Scan the data below for the string "class". Show every line where it turns up.

Material provided below:

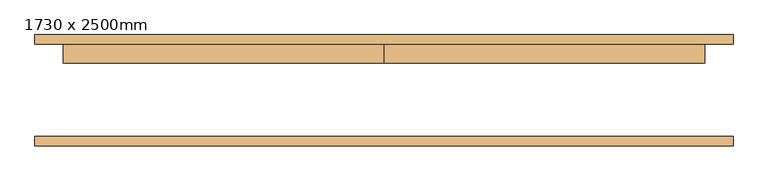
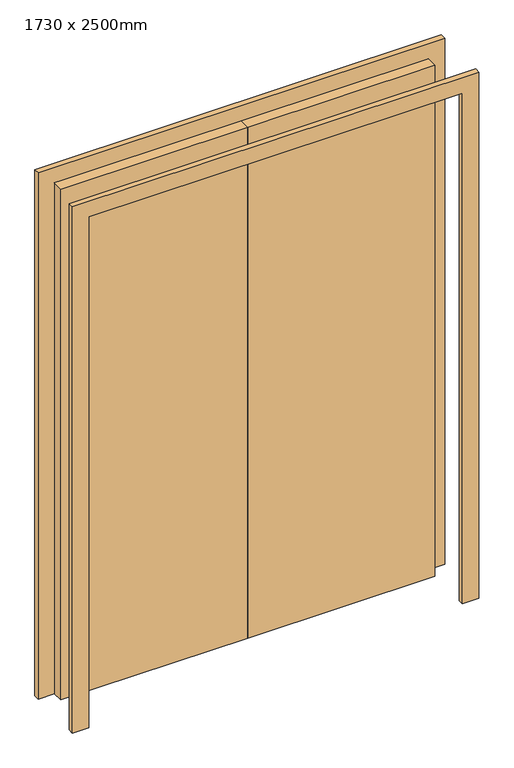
"""IFC4 building model written with IfcOpenShell, lengths in millimetres: door geometry, Puerta atamborada de 2 hojas : 1730 x 2500mm."""

import ifcopenshell
import ifcopenshell.guid

model = None  # the IFC model being written
_history = None  # IfcOwnerHistory: only IFC2X3 demands one
_inside = {}  # id of a spatial element -> (the spatial element, [elements in it])
_under = {}  # id of a project, library or spatial element -> (it, [spatial elements below it])
_declared = {}  # id of a project -> (the project, [libraries it declares])
_typed = {}  # id of a type object -> (the type object, [elements of that type])
_made_of = {}  # id of a material, layer set ... -> (it, [elements and type objects made of it])


def new_model(schema):
    """Start an empty IFC model of exactly this schema.

    Asked for "IFC4X3", IfcOpenShell would pick the latest addendum, in which some entities
    have other attributes; the version numbers below select the first issue.
    IFC2X3 requires an IfcOwnerHistory on every rooted entity: one is made here for all.
    """
    global model, _history
    if schema == "IFC4X3":
        model = ifcopenshell.file(schema_version=(4, 3, 0, 0))
    else:
        model = ifcopenshell.file(schema=schema)
    _inside.clear()
    _under.clear()
    _declared.clear()
    _typed.clear()
    _made_of.clear()
    _history = None
    if model.schema == "IFC2X3":
        org = make("IfcOrganization", Name="unknown")
        user = make(
            "IfcPersonAndOrganization",
            ThePerson=make("IfcPerson", FamilyName="unknown"),
            TheOrganization=org,
        )
        app = make(
            "IfcApplication",
            ApplicationDeveloper=org,
            Version="unknown",
            ApplicationFullName="unknown",
            ApplicationIdentifier="unknown",
        )
        _history = make(
            "IfcOwnerHistory",
            OwningUser=user,
            OwningApplication=app,
            ChangeAction="ADDED",
            CreationDate=0,
        )
    return model


def make(cls, **values):
    """One entity of the class cls with the attributes given. An attribute that is None is left unset."""
    return model.create_entity(
        cls, **{name: value for name, value in values.items() if value is not None}
    )


def rooted(cls, **values):
    """An entity with a GlobalId (a new one), such as an element, a storey or a relation."""
    return make(cls, GlobalId=ifcopenshell.guid.new(), OwnerHistory=_history, **values)


def si_unit(unit_type, name, prefix=None):
    """IfcSIUnit, for example si_unit("LENGTHUNIT", "METRE", prefix="MILLI")."""
    return make("IfcSIUnit", UnitType=unit_type, Prefix=prefix, Name=name)


def assignment(units):
    """IfcUnitAssignment: the units of a project."""
    return None if units is None else make("IfcUnitAssignment", Units=units)


def point(xyz):
    """IfcCartesianPoint."""
    return None if xyz is None else make("IfcCartesianPoint", Coordinates=xyz)


def direction(xyz):
    """IfcDirection."""
    return None if xyz is None else make("IfcDirection", DirectionRatios=xyz)


def frame(location, z_axis=None, x_axis=None):
    """IfcAxis2Placement3D, a coordinate frame: its origin and axes. An axis left out is left unset."""
    return make(
        "IfcAxis2Placement3D",
        Location=point(location),
        Axis=direction(z_axis),
        RefDirection=direction(x_axis),
    )


def origin():
    """The frame at (0, 0, 0) with its axes left unset."""
    return frame((0.0, 0.0, 0.0))


def origin_with_axes():
    """The frame at (0, 0, 0) with the z axis (0, 0, 1) and the x axis (1, 0, 0) written out."""
    return frame((0.0, 0.0, 0.0), z_axis=(0.0, 0.0, 1.0), x_axis=(1.0, 0.0, 0.0))


def place(relative_to, where):
    """IfcLocalPlacement: puts the frame where relative to a parent placement (None: the world)."""
    return make(
        "IfcLocalPlacement", PlacementRelTo=relative_to, RelativePlacement=where
    )


def context(
    kind, dimensions, precision=None, world=None, true_north=None, identifier=None
):
    """IfcGeometricRepresentationContext, for example the 3D "Model" context."""
    return make(
        "IfcGeometricRepresentationContext",
        ContextIdentifier=identifier,
        ContextType=kind,
        CoordinateSpaceDimension=dimensions,
        Precision=precision,
        WorldCoordinateSystem=world,
        TrueNorth=true_north,
    )


def project(units=None, contexts=None):
    """IfcProject with its units and contexts."""
    return rooted(
        "IfcProject",
        Name="project",
        RepresentationContexts=contexts,
        UnitsInContext=assignment(units),
    )


def spatial(cls, under=None, at=None, **own):
    """A site, building, storey or space (cls), placed at a placement, below another one or the project."""
    s = rooted(cls, ObjectPlacement=at, **own)
    if under is not None:
        _under.setdefault(under.id(), (under, []))[1].append(s)
    return s


def polyline(points):
    """IfcPolyline through the points."""
    return make("IfcPolyline", Points=[point(p) for p in points])


def outline(outer, holes=None, kind="AREA"):
    """IfcArbitraryClosedProfileDef: a profile drawn as a closed curve; with holes, ...WithVoids."""
    if holes is None:
        return make("IfcArbitraryClosedProfileDef", ProfileType=kind, OuterCurve=outer)
    return make(
        "IfcArbitraryProfileDefWithVoids",
        ProfileType=kind,
        OuterCurve=outer,
        InnerCurves=holes,
    )


def extrude(swept, where, along, depth):
    """IfcExtrudedAreaSolid: the profile swept, set in the frame where, extruded along a direction by depth."""
    return make(
        "IfcExtrudedAreaSolid",
        SweptArea=swept,
        Position=where,
        ExtrudedDirection=direction(along),
        Depth=depth,
    )


def shape(context_of_items, identifier, shape_type, items):
    """IfcShapeRepresentation: the items that make up one representation, for example the "Body"."""
    return make(
        "IfcShapeRepresentation",
        ContextOfItems=context_of_items,
        RepresentationIdentifier=identifier,
        RepresentationType=shape_type,
        Items=items,
    )


def source(mapping_origin, context_of_items, identifier, shape_type, items):
    """IfcRepresentationMap: a shape defined once, which mapped items show again and again."""
    return make(
        "IfcRepresentationMap",
        MappingOrigin=mapping_origin,
        MappedRepresentation=shape(context_of_items, identifier, shape_type, items),
    )


def transform(
    local_origin,
    x_axis=None,
    y_axis=None,
    z_axis=None,
    scale=None,
    scale2=None,
    scale3=None,
    uniform=True,
):
    """IfcCartesianTransformationOperator3D, or its non-uniform kind. x_axis, y_axis, z_axis: its Axis1, 2, 3."""
    if uniform:
        return make(
            "IfcCartesianTransformationOperator3D",
            Axis1=direction(x_axis),
            Axis2=direction(y_axis),
            LocalOrigin=point(local_origin),
            Scale=scale,
            Axis3=direction(z_axis),
        )
    return make(
        "IfcCartesianTransformationOperator3DnonUniform",
        Axis1=direction(x_axis),
        Axis2=direction(y_axis),
        LocalOrigin=point(local_origin),
        Scale=scale,
        Axis3=direction(z_axis),
        Scale2=scale2,
        Scale3=scale3,
    )


def mapped(mapping_source, mapping_target):
    """IfcMappedItem: shows the shape of a source again, moved by a transform."""
    return make(
        "IfcMappedItem", MappingSource=mapping_source, MappingTarget=mapping_target
    )


def made_of(thing, what):
    """Note that an element or type object is made of a material, layer set ...; save() writes the relation."""
    if what is not None:
        _made_of.setdefault(what.id(), (what, []))[1].append(thing)
    return thing


def element(
    cls,
    number,
    at=None,
    inside=None,
    cuts=None,
    type_object=None,
    material=None,
    context=None,
    identifier="Body",
    shape_type=None,
    held_by="IfcProductDefinitionShape",
    body=None,
    shapes=None,
    **own,
):
    """One element of the class cls, such as IfcWall. Its Tag is "e" and its number.

    at: its placement. inside: the storey or other place that contains it. cuts: it is an
    opening in that element (IfcRelVoidsElement). A single representation is given by context,
    identifier, shape_type and body (its items); several are given by shapes. held_by: the class
    of the entity that holds the representations. save() writes the other relations.
    """
    e = rooted(cls, Tag="e%d" % number, ObjectPlacement=at, **own)
    if body is not None:
        shapes = [shape(context, identifier, shape_type, body)]
    if shapes is not None:
        e.Representation = make(held_by, Representations=shapes)
    if inside is not None:
        _inside.setdefault(inside.id(), (inside, []))[1].append(e)
    if cuts is not None:
        rooted(
            "IfcRelVoidsElement", RelatingBuildingElement=cuts, RelatedOpeningElement=e
        )
    if type_object is not None:
        _typed.setdefault(type_object.id(), (type_object, []))[1].append(e)
    return made_of(e, material)


def aggregate(whole, parts):
    """IfcRelAggregates: a whole, such as a stair, and the parts it consists of."""
    return rooted("IfcRelAggregates", RelatingObject=whole, RelatedObjects=parts)


def save(model, path):
    """Write the relations noted so far, then the file.

    IfcRelAggregates (storeys below a building ...), IfcRelContainedInSpatialStructure (elements
    in a storey), IfcRelDefinesByType, IfcRelAssociatesMaterial and IfcRelDeclares: one each for
    every whole, place, type object, material and project.
    """
    for whole, parts in _under.values():
        aggregate(whole, parts)
    for where, things in _inside.values():
        rooted(
            "IfcRelContainedInSpatialStructure",
            RelatedElements=things,
            RelatingStructure=where,
        )
    for kind, things in _typed.values():
        rooted("IfcRelDefinesByType", RelatedObjects=things, RelatingType=kind)
    for what, things in _made_of.values():
        rooted("IfcRelAssociatesMaterial", RelatedObjects=things, RelatingMaterial=what)
    for by, libraries in _declared.values():
        rooted("IfcRelDeclares", RelatingContext=by, RelatedDefinitions=libraries)
    model.write(path)


def door_1730_x_2500mm_2afba01b(model_context):
    return source(origin(), model_context, "Body", "SweptSolid", [
        extrude(outline(polyline([(0.0, 125.0), (865.0, 125.0), (865.0, 74.0), (0.0, 74.0), (0.0, 125.0)])), origin_with_axes(), (0.0, 0.0, 1.0), 2500.0),
        extrude(outline(polyline([(-865.0, 125.0), (0.0, 125.0), (0.0, 74.0), (-865.0, 74.0), (-865.0, 125.0)])), origin_with_axes(), (0.0, 0.0, 1.0), 2500.0),
        extrude(outline(polyline([(2500.0, -865.0), (2500.0, 865.0), (0.0, 865.0), (0.0, 941.0), (2576.0, 941.0), (2576.0, -941.0), (0.0, -941.0), (0.0, -865.0), (2500.0, -865.0)])), frame((0.0, -150.0, 0.0), z_axis=(0.0, 1.0, 0.0), x_axis=(0.0, 0.0, 1.0)), (0.0, 0.0, 1.0), 25.0),
        extrude(outline(polyline([(2500.0, -865.0), (2500.0, 865.0), (0.0, 865.0), (0.0, 941.0), (2576.0, 941.0), (2576.0, -941.0), (0.0, -941.0), (0.0, -865.0), (2500.0, -865.0)])), frame((0.0, 125.0, 0.0), z_axis=(0.0, 1.0, 0.0), x_axis=(0.0, 0.0, 1.0)), (0.0, 0.0, 1.0), 25.0),
    ])


if __name__ == "__main__":
    model = new_model("IFC4")
    model_context = context("Model", 3, world=origin())
    ifc_project = project(units=[si_unit("LENGTHUNIT", "METRE", prefix="MILLI")], contexts=[model_context])
    site = spatial("IfcSite", under=ifc_project)
    building = spatial("IfcBuilding", under=site)
    placement = place(None, origin())
    door_1730_x_2500mm_shape = door_1730_x_2500mm_2afba01b(model_context)
    element("IfcDoor", 1, ObjectType="Puerta atamborada de 2 hojas : 1730 x 2500mm", at=placement, inside=building, context=model_context, shape_type="MappedRepresentation", body=[
        mapped(door_1730_x_2500mm_shape, transform((0.0, 0.0, 0.0), x_axis=(1.0, 0.0, 0.0), y_axis=(0.0, 1.0, 0.0), z_axis=(0.0, 0.0, 1.0))),
    ])
    save(model, "model.ifc")

End of Material provided.

» **Solution to this exercise**
    """One entity of the class cls with the attributes given. An attribute that is None is left unset."""
    """One element of the class cls, such as IfcWall. Its Tag is "e" and its number.
    identifier, shape_type and body (its items); several are given by shapes. held_by: the class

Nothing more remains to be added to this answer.